Una valutazione eccezionale, giustificata dalla rarità e del mistero che lo circonda. Mai esposto e oggetto fino ad oggi di indagini limitate, il manoscritto sembra quindi destinato a catalizzare l’interesse di specialisti, istituzioni e collezionisti internazionali. Un’attenzione che si comprende pienamente solo se lo si colloca all’interno del suo contesto originario. Il volume appartiene infatti al Ciclo Lancillotto-Graal, o Ciclo della Vulgata, una delle più ampie architetture narrative del Medioevo europeo dedicate alla materia arturiana. 

Del corpus complessivo, stimato in circa duecento manoscritti oggi noti, solo una piccola parte (circa sette esemplari) è sopravvissuta conservando la sua integrità. Se guardiamo a quelli disponibili sul mercato privato, il numero di esemplari scende a tre.
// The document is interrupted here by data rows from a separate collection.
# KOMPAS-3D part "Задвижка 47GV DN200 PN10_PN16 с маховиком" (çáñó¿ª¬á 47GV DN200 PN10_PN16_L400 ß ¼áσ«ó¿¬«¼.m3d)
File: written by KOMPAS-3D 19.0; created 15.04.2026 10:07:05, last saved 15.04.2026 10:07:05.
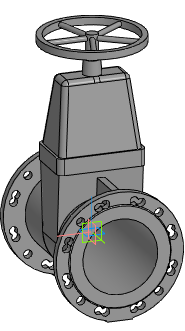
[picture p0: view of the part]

Document properties: Автор: Евгений; Полное имя файла: Z:\3.Личные\kachalov\3d для проектировщиков\2.1 Тип 47GV, 47GV.Z\Задвижка 47GV_DN40-DN600\stp_Задвижка 47GV\Задвижка 47GV DN200 PN10_PN16_L400 с маховиком.m3d

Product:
- Part/product: Задвижка 47GV DN200 PN10_PN16 с маховиком

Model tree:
1. Операция без истории:1  (labels: Задвижка 47GV DN200 PN10_PN16 с маховиком)
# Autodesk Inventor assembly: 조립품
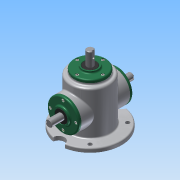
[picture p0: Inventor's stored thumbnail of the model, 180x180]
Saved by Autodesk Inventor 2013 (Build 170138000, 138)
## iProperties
Created: 2018-04
Part Number: 조립품
Document SubType Name: Assembly
Designer: Administrator
Author: Administrator
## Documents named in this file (16)
- C:\Users\Administrator\Desktop\480408V1008\조립품.iam
- C:\Users\Administrator\Desktop\480408V1008\본체.ipt
- C:\Users\Administrator\Desktop\480408V1008\베어링 6203.ipt
- C:\Users\Administrator\Desktop\480408V1008\볼트 M4.ipt
- 볼트 M4.ipt
- C:\Users\Administrator\Desktop\480408V1008\서브 베벨기어.ipt
- C:\Users\Administrator\Desktop\480408V1008\서브 축.ipt
- 서브 축.ipt
- C:\Users\Administrator\Desktop\480408V1008\오일 실.ipt
- 오일 실.ipt
- C:\Users\Administrator\Desktop\480408V1008\커버.ipt
- C:\Users\Administrator\Desktop\480408V1008\키 4x4.ipt
- C:\Users\Administrator\Desktop\480408V1008\메인 축.ipt
- 메인 축.ipt
- C:\Users\Administrator\Desktop\480408V1008\키 5x5.ipt
- C:\Users\Administrator\Desktop\480408V1008\메인 베벨기어.ipt

Databile attorno al 1300 e probabilmente realizzato a Metz, il codice raccoglie i primi tre testi del ciclo arturiano: la storia del Santo Graal, la nascita di Merlino e le sue prime vicende alla corte di Artù. Una struttura che già nel Medioevo circolava spesso come nucleo narrativo autonomo. Lo suggerisce anche la pagina finale lasciata intenzionalmente bianca, come a sancire la conclusione di un’opera compiuta e autosufficiente.

The Clermont-Tonnerre Grail

The Clermont-Tonnerre Grail

La materia è quella che avrebbe alimentato per secoli l’immaginario occidentale, con cavalieri, profezie, genealogie fantastiche e ricerca spirituale. Ma ciò che colpisce, nel manoscritto, è anche la qualità artistica. Le sue 126 miniature vengono attribuite al cosiddetto Maestro dell’Apocalisse di Liegi, anonimo artista attivo tra XIII e XIV secolo, riconoscibile per la fisionomia stilizzata dei volti, gli occhi puntinati di nero, le guance arrossate e l’uso luminosissimo della foglia d’oro brunita. Un apparato decorativo insolitamente ricco per questo tipo di produzione libraria.

«Queste storie continuano a parlare al presente», ha spiegato Eugenio Donadoni, responsabile dei manoscritti medievali e rinascimentali di Christie’s. E in effetti il fascino dell’universo arturiano non sembra essersi consumato. La stessa tradizione testuale del ciclo, composta da versioni differenti e attribuzioni spesso incerte, continua ancora oggi ad alimentare studi filologici e storici.

Anche la provenienza del volume attraversa secoli e figure illustri. Nel Quattrocento il manoscritto sarebbe appartenuto a Michel de Gronnais, importante magistrato di Metz. Passò poi al cavaliere Michel de Chaverson e successivamente alla famiglia Clermont-Tonnerre, dalla quale prende il nome attuale. Più tardi entrò nella collezione del celebre bibliofilo britannico Thomas Phillipps, prima di approdare a Jean Lebaudy, industriale francese e veterano decorato delle due guerre mondiali. Christie’s non ha invece rivelato l’identità dell’attuale proprietario.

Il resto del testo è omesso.